For the entries below, the expected answer is the line with "#425=DIRECTION('Vector Direction',(1.,0.,0.)) ;", the line with "#426=VECTOR('Line Direction',#425,1.) ;", and every line between them, exactly as written, and nothing more.

Data for review:
Segment Open
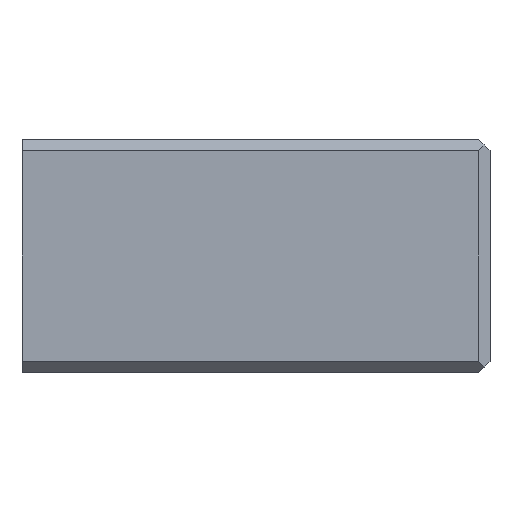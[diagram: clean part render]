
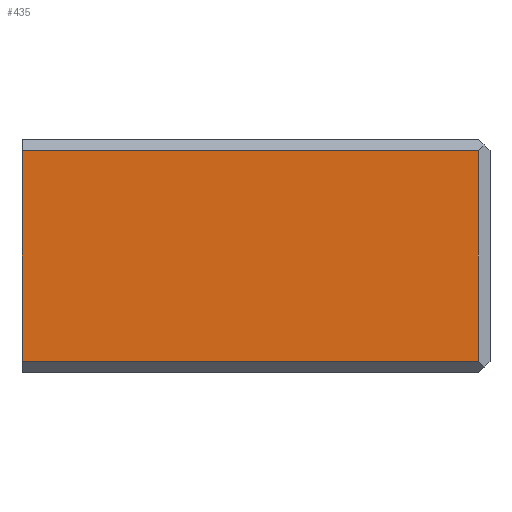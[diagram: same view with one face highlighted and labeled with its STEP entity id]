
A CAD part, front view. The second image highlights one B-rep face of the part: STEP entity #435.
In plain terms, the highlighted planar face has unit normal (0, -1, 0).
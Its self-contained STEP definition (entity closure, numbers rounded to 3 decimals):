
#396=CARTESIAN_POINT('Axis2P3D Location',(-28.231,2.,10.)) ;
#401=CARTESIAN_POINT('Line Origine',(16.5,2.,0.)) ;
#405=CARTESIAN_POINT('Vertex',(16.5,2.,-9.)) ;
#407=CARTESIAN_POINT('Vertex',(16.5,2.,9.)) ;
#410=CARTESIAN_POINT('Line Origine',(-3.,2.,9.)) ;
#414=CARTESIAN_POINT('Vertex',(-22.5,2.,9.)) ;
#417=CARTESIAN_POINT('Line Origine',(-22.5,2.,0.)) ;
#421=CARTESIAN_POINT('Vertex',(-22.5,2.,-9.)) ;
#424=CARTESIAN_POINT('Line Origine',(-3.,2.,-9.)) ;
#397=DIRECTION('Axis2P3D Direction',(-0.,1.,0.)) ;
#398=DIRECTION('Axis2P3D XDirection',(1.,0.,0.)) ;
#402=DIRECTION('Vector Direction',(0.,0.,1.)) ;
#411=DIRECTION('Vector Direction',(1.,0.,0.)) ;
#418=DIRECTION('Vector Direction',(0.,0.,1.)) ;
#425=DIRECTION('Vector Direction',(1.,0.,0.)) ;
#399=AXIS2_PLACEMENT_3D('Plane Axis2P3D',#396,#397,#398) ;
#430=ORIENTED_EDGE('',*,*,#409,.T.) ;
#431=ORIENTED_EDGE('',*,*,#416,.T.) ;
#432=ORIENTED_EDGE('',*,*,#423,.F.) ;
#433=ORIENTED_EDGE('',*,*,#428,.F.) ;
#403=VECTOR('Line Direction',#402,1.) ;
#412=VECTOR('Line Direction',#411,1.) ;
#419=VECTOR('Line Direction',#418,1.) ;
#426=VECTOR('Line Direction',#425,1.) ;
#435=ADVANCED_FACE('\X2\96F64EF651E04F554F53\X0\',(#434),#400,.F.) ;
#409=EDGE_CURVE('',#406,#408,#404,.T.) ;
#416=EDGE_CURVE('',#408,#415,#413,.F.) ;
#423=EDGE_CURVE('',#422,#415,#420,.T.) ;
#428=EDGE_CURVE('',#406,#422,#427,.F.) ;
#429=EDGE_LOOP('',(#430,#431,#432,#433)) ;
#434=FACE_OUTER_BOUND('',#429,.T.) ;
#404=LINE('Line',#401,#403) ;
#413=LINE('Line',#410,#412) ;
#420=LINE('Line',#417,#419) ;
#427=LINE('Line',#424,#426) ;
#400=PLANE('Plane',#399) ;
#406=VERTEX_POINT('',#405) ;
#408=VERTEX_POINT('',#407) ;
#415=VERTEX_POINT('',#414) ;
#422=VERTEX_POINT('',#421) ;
Segment Closed
Exercise response:
#425=DIRECTION('Vector Direction',(1.,0.,0.)) ;
#399=AXIS2_PLACEMENT_3D('Plane Axis2P3D',#396,#397,#398) ;
#430=ORIENTED_EDGE('',*,*,#409,.T.) ;
#431=ORIENTED_EDGE('',*,*,#416,.T.) ;
#432=ORIENTED_EDGE('',*,*,#423,.F.) ;
#433=ORIENTED_EDGE('',*,*,#428,.F.) ;
#403=VECTOR('Line Direction',#402,1.) ;
#412=VECTOR('Line Direction',#411,1.) ;
#419=VECTOR('Line Direction',#418,1.) ;
#426=VECTOR('Line Direction',#425,1.) ;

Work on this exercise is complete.